# Best dog movies



## redbirddog (Apr 23, 2010)

On a thread about A Vizsla's loyalty, dog movies came up. I have seen many. There was Lassie on TV when I was a boy. Home again, Where the Red Fern Grows, Hatci, Bolt, Marley and Me. 

A Dog's Purpose, is coming out next year. 

What are some of your favorite dog movies?

RBD


----------



## mswhipple (Mar 7, 2011)

When I was just a slip of a girl, my parents took my sister and me to see a movie called "Old Yeller". It was a good movie for the time, but extremely sad. The dog contracts rabies and ends up being shot. Apparently they were not so humane back in the old days.

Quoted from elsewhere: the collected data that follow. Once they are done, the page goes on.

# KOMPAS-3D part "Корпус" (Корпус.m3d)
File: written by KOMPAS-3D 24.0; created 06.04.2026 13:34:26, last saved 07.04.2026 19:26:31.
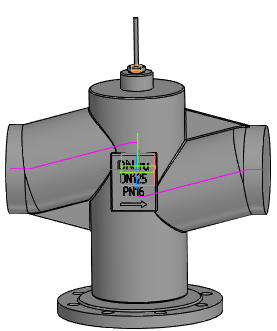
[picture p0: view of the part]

Document properties: Автор: R2D2; Полное имя файла: E:\Работа\Зайцев\Солянка\VSR1-13V-PED-F Клапан запорно-регулирующий DN.ru\DN125\исходные материалы\Корпус.m3d

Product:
- Body: Труба / Нестандартная труба / L = 200.5 мм  | qty 1
    Материал: Нестандартная труба (density 7856 kg/m3)
    Масса: 72.882382
    Раздел спецификации: Детали
    Примечание: 22,54 кг
    additional columns: Pipeline; 0.135; 0; 0; 0.002; 0.20045; true; 0.04
- Body: Труба / Нестандартная труба / L = 200.5 мм  | qty 1
    Материал: Нестандартная труба (density 7856 kg/m3)
    Масса: 72.882382
    Раздел спецификации: Детали
    Форматы листов документа: БЧ
    Примечание: 22,54 кг
    additional columns: Pipeline; 0.135; 0; 0; 0.002; 0.20045; true; 0.04
- Component [standard]: Гайка М16-6H ГОСТ 5916-70  | qty 1  | Масса: 0.01768; Рассекать на разрезах: no; source file: C:\Program Files\ASCON\KOMPAS-3D v24\Libs\PolynomLib\DATA\vault\Methods\Kompas\3D\PLib_Nut_OST92_900.m3d
- Component [standard]: (unnamed)  | qty 1  | Материал: ВЧ40 ГОСТ 7293-85 (density 7200 kg/m3); Масса: 7.029949; Рассекать на разрезах: no; additional columns: 125-16-B-2-ВЧ40-II; Заглушка; ГОСТ 34785-2021
- Body: Тело 4  | qty 1
    Материал: Нестандартная труба (density 7856 kg/m3)
    Масса: 72.882382
- Part/product: Корпус
    Масса: 6.9

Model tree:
1. Эскиз:1
2. Труба:1  (labels: {F703FF30-5BE6-4673-A7F1-8EDA1BE1E2D1}; SHAPEOBJECT3D_ATTR_BUTT; SHAPEOBJECT3D_ATTR_VALID; SHAPEOBJECT3D_ATTR_BUTT_AREA)
     PIPE_R = 7
3. Труба:2  (labels: {F703FF30-5BE6-4673-A7F1-8EDA1BE1E2D1}; SHAPEOBJECT3D_ATTR_BUTT; SHAPEOBJECT3D_ATTR_VALID; SHAPEOBJECT3D_ATTR_BUTT_AREA)
     PIPE_R = 7
4. Эскиз:2
5. Элемент выдавливания:1
     Расстояние 1 = 151; Смещение 1 = -1; Расстояние 2 = 193; Смещение 2 = -5
6. РЕБРО  (with: Ребро.Труба:1, Грань.Элемент выдавливания:1, Грань.Труба:1, Грань.Труба:2)
7. Элемент выдавливания:2
     Расстояние 1 = 8
8. Эскиз:4  (with: Грань.Элемент выдавливания:1)
9. Скругление:3  (with: Ребро.Элемент выдавливания:2)
10. Элемент выдавливания:3
     Расстояние 1 = 1
11. Эскиз:5  (with: Грань.Элемент выдавливания:3)
12. Элемент выдавливания:4
     Расстояние 1 = 7.5; Смещение 1 = 0.5
13. ШТОК
14. Элемент выдавливания:5
15. ОТЛИВКА
16. Скругление:6  (with: Грань.Элемент выдавливания:1)
17. Элемент выдавливания:6  (with: Грань.Элемент выдавливания:1)
     Смещение 1 = 4
18. ТЕКСТ  (with: Грань.Элемент выдавливания:6)
19. Элемент выдавливания:7
     Расстояние 1 = 0.5
20. Скругление:7  (with: Ребро.Элемент выдавливания:6)
     Радиус = 2
21. Эскиз:9  (with: Грань.Элемент выдавливания:1, Ребро.Скругление:6, Ребро.Элемент выдавливания:5)
22. Элемент вращения:1
     Угол 1 = 360
23. Скругление:8  (with: Ребро.Элемент вращения:1, Грань.Элемент выдавливания:3)
     Радиус = 2

Expressions: DS/2+3; v22*2
Referenced files in C:\Program Files\ASCON\KOMPAS-3D v24\Libs\Pipeline\: StylesTemplate.a3d, TemplateHPH, InsulationStylesTemplate.a3d, Insulation
Referenced files in C:\Program Files\ASCON\KOMPAS-3D v24\Templates\: Констр. чертеж А3 гориз. перв. лист.cdt
Referenced files in E:\Работа\Зайцев\Солянка\VSR1-13V-PED-F Клапан запорно-регулирующий DN.ru\DN15\DN15 Kv0.16\исходные материалы\: 
Referenced files in C:\Program Files\ASCON\KOMPAS-3D v24\Libs\PolynomLib\DATA\vault\Methods\Kompas\3D\: PLib_Nut_OST92_900.m3d, PLib_Flange_Blind_GOST_34785_2100.m3d
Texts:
  Отводы ГОСТ 17375-2001
  Констр. чертеж А3 гориз. перв. лист.cdt
  BOSimple***PART:2c8e7818-1586-f79e-db7d-bc045ba468e4***SHORTLOC:Root±30±10±20±©{}110±10±50±80[Нет;Без покрытия;Без указания материала;-;16;2;24]
  BOSimple***Material:38d6725a-5efe-48e1-b177-a7817acb862a
  BOSimple***PART:640df19e-da09-d9fe-181c-97636523b2cc***SHORTLOC:B619_EF039B503CC34112[2;16;125;Круглая;II;ВЧ40 ГОСТ 7293-85]
  var3D
  PN16
  LL-10
  DN+10
  bcut1
  hole1
  hcut1
  hole2
  cut1
  Труба / Нестандартная труба / L = %s мм
  Plane. Начало координат
  Ось Y.Начало координат
  Плоскость ZX.Начало координат
  Горизонтальная плоскость. Начало координат
  Плоскость XY.Начало координат
  Плоскость ZY.Начало координат

Anyhow, when my family got home that evening, I ran to the bathroom and threw up. Sorry to be so graphic. Funny thing, though... I still think of "Old Yeller" as being a pretty good movie.


----------



## JillandDan (Sep 8, 2010)

Dan and I watched Marley and Me for the first time not that long ago and I have never cried so much. I think because he was crazy like Holley in the beginning part of the movie. We could relate to all the craziness and laughed hysterically. Then it all went down him from there. 
I have never seen the entire movie but Dan used to like "My Dog Skip." Again another sad ending movie.


----------



## JillandDan (Sep 8, 2010)

I also saw a movie when I was younger that I really liked. It was based on a real dog. It was called "Chips the War Dog." It was about a GSD mix. Loved the story.


----------



## BamBam (Feb 14, 2010)

I watched Marley and Me in the cinema and actually sobbed out loud it was so emotional. Now I have it on DVD but cannot actually watch it I get so upset! It is a fab movie and book saying that, just really pulls at your heart strings if you are a dog lover. 
I watched 101 dalmations in the cinema when I was alot younger


----------



## redrover (Mar 17, 2011)

101 Dalmations and Lady and the Tramp were some of my favorite movies as a kid. I watched and rewound those tapes so often they were totally worn out by the time I was a teenager. I have the DVDs now! Homeward Bound was probably the first movie to make me cry--I think I was so embarrassed I hid under a blanket. I've only ever been able to watch Old Yeller once--too traumatic (same for movies like Bambi)! For that very reason I've been avoiding Marley and Me like the plague! Benji, of course! We had a miniature schnauzer growing up that I named Benji.


----------